- **WHAT TO PRODUCE**
Go through the records underneath and count the lines that include the string "True". Give nothing but the number.

### EXCERPTED RECORDS ###

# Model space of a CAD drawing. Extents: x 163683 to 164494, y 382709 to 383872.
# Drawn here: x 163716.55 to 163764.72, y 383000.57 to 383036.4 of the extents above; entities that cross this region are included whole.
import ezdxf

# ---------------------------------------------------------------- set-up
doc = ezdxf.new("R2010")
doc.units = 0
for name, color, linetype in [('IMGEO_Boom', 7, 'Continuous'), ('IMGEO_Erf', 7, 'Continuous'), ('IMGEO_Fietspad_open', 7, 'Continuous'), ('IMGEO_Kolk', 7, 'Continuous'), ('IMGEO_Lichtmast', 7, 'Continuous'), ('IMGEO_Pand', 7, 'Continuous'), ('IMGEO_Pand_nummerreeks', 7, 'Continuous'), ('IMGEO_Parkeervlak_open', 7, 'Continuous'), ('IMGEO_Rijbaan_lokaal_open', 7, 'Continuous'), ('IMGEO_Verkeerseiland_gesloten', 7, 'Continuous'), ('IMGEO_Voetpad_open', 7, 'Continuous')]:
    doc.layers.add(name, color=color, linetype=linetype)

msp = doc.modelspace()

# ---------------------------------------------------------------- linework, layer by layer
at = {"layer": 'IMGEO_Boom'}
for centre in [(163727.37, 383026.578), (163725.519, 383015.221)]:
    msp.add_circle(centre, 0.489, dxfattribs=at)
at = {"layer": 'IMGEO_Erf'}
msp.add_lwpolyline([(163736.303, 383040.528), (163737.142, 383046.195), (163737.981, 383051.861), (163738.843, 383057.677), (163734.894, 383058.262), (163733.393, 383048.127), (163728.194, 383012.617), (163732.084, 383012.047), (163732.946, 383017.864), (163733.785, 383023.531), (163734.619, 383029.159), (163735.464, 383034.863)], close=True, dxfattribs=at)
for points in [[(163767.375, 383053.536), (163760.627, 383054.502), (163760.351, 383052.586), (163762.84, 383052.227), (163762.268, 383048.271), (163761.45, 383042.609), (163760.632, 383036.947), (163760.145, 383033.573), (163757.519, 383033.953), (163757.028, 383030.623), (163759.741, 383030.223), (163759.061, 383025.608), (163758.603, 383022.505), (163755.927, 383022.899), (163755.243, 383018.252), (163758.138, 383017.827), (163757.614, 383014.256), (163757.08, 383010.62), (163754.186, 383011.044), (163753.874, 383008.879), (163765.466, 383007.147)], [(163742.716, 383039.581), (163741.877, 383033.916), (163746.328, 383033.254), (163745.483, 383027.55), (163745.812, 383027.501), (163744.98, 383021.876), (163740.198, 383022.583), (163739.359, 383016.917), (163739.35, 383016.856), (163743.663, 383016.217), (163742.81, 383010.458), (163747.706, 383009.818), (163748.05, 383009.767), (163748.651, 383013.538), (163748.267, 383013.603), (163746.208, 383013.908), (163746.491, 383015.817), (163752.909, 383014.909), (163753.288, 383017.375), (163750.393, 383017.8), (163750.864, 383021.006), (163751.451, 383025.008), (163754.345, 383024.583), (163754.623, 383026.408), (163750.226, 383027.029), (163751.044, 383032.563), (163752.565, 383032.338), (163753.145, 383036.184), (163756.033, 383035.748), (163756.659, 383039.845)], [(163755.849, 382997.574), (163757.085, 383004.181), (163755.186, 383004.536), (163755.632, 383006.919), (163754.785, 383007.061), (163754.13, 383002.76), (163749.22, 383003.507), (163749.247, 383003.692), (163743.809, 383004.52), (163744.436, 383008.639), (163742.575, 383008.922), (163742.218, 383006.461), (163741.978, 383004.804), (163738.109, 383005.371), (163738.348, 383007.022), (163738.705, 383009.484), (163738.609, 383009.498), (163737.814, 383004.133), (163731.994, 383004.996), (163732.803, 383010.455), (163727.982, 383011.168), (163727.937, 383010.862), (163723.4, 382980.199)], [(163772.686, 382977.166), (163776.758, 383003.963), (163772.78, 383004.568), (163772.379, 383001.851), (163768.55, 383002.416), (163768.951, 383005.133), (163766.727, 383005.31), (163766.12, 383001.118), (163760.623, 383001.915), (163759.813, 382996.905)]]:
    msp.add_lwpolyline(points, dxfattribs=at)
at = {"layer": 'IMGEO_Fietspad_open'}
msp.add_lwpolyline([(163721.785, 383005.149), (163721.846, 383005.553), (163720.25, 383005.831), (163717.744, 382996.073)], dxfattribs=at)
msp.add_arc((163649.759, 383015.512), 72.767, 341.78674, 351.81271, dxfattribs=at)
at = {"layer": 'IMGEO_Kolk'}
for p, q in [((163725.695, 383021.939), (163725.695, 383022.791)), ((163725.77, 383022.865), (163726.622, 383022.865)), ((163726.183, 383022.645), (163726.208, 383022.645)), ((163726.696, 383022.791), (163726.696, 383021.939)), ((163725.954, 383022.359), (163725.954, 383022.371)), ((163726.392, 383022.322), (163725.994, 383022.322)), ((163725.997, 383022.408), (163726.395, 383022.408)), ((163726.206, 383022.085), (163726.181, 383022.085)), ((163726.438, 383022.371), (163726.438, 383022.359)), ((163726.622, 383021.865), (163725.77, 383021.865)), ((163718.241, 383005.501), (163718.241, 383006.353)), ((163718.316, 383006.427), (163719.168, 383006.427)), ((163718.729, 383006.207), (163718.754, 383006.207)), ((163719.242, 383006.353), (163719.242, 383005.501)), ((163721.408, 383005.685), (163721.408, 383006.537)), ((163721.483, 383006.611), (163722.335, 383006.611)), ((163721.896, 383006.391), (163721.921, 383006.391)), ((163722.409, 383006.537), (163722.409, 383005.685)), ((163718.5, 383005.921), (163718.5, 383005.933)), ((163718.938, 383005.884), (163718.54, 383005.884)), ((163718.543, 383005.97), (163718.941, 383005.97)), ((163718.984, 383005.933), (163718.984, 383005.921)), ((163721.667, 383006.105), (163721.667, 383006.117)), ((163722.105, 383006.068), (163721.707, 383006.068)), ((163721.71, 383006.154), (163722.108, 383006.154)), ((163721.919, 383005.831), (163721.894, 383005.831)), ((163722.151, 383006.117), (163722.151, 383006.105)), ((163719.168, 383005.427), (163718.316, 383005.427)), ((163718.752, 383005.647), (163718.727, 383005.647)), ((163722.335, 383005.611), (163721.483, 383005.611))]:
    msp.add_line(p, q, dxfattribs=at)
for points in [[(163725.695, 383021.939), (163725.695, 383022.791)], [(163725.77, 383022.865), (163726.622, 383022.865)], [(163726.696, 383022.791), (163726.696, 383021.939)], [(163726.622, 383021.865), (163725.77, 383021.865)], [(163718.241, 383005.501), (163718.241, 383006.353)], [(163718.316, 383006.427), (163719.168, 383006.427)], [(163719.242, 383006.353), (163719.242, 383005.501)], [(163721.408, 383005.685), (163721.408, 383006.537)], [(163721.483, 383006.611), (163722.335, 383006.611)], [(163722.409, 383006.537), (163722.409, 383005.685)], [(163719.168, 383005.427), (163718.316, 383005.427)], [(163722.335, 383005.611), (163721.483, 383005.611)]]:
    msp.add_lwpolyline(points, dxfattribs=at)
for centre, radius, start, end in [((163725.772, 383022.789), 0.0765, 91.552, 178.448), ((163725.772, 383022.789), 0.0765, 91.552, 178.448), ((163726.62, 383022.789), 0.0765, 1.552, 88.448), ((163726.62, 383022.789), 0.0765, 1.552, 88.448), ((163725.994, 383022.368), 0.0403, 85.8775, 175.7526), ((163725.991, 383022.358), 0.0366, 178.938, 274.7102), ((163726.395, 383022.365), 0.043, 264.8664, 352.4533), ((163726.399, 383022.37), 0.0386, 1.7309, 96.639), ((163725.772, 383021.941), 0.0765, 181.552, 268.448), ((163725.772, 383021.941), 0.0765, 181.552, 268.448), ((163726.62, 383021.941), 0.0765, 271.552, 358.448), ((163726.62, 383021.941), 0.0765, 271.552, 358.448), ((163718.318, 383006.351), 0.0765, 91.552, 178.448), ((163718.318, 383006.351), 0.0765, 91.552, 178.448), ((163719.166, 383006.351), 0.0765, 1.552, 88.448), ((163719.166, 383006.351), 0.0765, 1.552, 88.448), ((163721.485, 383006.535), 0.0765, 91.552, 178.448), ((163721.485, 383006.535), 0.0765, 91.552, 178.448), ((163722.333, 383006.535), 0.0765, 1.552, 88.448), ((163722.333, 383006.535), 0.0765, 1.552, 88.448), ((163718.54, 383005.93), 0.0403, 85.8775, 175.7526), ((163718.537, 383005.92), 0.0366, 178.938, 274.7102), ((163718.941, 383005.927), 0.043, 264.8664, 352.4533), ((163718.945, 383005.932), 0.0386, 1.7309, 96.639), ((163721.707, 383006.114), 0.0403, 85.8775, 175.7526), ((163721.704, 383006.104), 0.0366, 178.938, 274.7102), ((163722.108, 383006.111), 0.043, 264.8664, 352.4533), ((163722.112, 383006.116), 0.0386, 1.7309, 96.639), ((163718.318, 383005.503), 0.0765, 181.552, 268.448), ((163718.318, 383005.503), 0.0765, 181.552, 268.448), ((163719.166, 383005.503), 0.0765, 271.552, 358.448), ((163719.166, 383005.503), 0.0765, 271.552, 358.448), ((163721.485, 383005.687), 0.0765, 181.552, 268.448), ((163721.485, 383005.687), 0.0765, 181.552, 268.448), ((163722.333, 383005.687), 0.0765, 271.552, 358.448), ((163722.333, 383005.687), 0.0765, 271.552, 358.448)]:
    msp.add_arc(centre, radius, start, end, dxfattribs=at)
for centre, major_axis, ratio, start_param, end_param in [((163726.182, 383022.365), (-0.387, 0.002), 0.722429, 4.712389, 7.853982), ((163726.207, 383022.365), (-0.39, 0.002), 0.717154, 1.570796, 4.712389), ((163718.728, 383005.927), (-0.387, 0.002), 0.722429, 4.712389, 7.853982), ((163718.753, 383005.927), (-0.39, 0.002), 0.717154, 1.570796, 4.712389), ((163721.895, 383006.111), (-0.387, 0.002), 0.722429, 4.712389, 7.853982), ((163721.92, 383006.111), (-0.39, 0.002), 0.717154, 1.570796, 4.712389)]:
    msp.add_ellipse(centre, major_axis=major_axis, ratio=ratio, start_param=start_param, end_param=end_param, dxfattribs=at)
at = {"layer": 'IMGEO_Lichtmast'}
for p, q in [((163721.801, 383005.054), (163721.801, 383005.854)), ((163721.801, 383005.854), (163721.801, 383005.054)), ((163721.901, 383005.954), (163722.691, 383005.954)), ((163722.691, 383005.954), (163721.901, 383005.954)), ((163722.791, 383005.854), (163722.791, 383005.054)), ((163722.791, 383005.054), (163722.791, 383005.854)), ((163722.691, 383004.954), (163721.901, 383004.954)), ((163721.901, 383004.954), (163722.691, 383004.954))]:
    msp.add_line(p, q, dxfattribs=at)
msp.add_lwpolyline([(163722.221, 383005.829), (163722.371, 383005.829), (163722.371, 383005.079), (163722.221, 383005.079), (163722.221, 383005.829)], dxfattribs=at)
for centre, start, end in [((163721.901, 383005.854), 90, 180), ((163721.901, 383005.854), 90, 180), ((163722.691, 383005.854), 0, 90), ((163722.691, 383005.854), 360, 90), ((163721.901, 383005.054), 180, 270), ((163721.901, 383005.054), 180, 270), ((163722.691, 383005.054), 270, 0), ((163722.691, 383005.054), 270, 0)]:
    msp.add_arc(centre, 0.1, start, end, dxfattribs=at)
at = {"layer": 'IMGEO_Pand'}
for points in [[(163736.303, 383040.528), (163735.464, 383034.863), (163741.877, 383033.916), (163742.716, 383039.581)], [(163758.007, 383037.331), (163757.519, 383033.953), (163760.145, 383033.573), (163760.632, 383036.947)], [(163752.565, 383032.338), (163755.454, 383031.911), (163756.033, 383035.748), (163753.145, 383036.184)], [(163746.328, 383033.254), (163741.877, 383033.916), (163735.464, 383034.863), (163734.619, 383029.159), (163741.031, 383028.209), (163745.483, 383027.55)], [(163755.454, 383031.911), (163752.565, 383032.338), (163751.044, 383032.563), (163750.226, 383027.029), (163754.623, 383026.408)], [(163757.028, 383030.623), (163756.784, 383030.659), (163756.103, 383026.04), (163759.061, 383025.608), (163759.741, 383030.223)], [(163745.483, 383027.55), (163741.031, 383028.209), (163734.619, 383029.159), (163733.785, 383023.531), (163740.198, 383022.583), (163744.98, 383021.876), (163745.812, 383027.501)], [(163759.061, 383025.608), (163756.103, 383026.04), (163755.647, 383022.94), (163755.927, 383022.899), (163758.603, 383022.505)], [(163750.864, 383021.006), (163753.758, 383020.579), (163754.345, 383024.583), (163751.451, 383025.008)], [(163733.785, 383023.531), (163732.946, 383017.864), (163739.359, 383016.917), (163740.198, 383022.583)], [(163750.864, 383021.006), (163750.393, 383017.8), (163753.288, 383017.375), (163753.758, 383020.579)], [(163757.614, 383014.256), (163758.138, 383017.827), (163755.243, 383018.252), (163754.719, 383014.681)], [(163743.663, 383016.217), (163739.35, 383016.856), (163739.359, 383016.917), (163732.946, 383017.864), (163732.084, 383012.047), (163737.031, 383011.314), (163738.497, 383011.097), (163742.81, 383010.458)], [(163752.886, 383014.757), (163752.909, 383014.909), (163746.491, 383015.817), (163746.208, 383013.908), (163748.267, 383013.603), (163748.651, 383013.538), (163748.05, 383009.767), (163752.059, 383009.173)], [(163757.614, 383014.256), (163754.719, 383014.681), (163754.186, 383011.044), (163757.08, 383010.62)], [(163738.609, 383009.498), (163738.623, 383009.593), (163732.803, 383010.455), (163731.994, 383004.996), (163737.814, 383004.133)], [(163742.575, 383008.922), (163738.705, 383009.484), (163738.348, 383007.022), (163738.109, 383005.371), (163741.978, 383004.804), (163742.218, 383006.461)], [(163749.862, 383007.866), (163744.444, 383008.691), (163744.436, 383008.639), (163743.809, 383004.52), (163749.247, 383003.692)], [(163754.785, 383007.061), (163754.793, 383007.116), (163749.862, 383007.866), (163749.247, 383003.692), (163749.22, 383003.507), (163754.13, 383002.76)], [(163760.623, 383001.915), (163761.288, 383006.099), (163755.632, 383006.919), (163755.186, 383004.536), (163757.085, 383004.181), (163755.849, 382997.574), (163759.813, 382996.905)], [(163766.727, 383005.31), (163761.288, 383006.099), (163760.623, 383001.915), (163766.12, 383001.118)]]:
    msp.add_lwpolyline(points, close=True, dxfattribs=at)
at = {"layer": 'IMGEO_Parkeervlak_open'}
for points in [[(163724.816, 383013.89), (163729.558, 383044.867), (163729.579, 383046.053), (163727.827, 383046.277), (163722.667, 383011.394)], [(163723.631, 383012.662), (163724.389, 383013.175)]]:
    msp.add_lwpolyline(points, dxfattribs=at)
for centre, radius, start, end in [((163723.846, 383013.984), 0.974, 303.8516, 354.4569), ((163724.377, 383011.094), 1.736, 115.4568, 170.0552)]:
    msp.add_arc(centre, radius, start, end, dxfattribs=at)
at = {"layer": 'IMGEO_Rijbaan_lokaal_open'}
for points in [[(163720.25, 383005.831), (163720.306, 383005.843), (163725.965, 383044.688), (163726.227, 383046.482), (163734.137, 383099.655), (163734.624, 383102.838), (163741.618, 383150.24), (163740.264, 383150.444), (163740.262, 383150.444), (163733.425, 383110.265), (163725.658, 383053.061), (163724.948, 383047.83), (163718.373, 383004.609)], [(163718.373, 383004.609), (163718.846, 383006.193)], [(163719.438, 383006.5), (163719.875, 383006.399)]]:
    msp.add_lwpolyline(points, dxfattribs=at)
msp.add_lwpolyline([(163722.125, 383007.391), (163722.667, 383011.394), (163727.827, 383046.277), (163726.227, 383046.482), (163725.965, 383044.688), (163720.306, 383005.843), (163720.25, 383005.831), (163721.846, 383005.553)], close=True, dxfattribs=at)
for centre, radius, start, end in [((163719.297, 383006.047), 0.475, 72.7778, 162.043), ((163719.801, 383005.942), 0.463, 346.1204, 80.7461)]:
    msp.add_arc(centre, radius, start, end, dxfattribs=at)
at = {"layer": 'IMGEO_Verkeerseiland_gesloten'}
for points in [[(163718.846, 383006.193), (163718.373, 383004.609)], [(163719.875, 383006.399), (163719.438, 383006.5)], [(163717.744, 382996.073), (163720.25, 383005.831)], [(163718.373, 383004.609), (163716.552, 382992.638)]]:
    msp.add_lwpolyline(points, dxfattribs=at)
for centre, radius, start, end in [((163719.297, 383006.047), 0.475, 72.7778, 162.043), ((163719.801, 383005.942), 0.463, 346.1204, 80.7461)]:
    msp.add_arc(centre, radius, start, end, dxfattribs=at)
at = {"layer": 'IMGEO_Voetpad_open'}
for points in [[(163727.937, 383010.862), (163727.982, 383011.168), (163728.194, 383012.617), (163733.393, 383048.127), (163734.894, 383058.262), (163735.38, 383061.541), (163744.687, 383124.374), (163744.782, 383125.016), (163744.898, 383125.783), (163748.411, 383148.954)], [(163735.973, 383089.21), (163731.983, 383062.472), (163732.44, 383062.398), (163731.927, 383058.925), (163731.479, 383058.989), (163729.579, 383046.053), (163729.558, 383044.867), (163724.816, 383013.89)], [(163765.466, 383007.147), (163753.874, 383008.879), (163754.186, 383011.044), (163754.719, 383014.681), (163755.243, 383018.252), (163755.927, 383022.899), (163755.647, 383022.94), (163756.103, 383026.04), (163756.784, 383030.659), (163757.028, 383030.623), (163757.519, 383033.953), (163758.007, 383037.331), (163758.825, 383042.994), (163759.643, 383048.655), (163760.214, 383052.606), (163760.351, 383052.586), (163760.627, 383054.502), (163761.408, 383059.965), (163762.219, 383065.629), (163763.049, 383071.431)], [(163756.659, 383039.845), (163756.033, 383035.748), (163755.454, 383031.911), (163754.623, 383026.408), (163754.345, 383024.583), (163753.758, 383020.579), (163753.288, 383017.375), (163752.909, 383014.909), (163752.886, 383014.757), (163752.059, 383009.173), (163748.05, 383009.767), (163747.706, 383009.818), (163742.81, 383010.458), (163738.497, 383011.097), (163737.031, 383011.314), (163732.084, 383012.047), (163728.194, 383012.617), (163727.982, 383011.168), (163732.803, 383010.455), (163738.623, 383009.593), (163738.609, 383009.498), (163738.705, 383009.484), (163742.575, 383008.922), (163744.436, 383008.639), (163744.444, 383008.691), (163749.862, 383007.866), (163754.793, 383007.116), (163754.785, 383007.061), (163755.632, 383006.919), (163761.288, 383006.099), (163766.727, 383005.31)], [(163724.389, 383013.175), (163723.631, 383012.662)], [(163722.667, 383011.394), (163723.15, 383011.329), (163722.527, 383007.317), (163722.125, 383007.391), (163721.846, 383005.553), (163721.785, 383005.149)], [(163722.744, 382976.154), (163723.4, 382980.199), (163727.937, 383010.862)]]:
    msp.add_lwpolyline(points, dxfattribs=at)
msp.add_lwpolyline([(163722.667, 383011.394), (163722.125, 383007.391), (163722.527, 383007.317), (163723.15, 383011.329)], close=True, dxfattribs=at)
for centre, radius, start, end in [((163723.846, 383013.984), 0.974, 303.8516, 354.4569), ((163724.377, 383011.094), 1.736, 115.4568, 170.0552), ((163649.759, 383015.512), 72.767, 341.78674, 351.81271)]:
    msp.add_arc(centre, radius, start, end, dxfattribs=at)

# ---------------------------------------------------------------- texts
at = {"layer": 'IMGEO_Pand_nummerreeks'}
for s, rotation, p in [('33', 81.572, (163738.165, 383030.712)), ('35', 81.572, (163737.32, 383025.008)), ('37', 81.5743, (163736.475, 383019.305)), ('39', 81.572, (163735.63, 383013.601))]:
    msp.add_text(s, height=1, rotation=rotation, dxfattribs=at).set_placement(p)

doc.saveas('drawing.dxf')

###

- **OUTPUT OF THE TASK**
4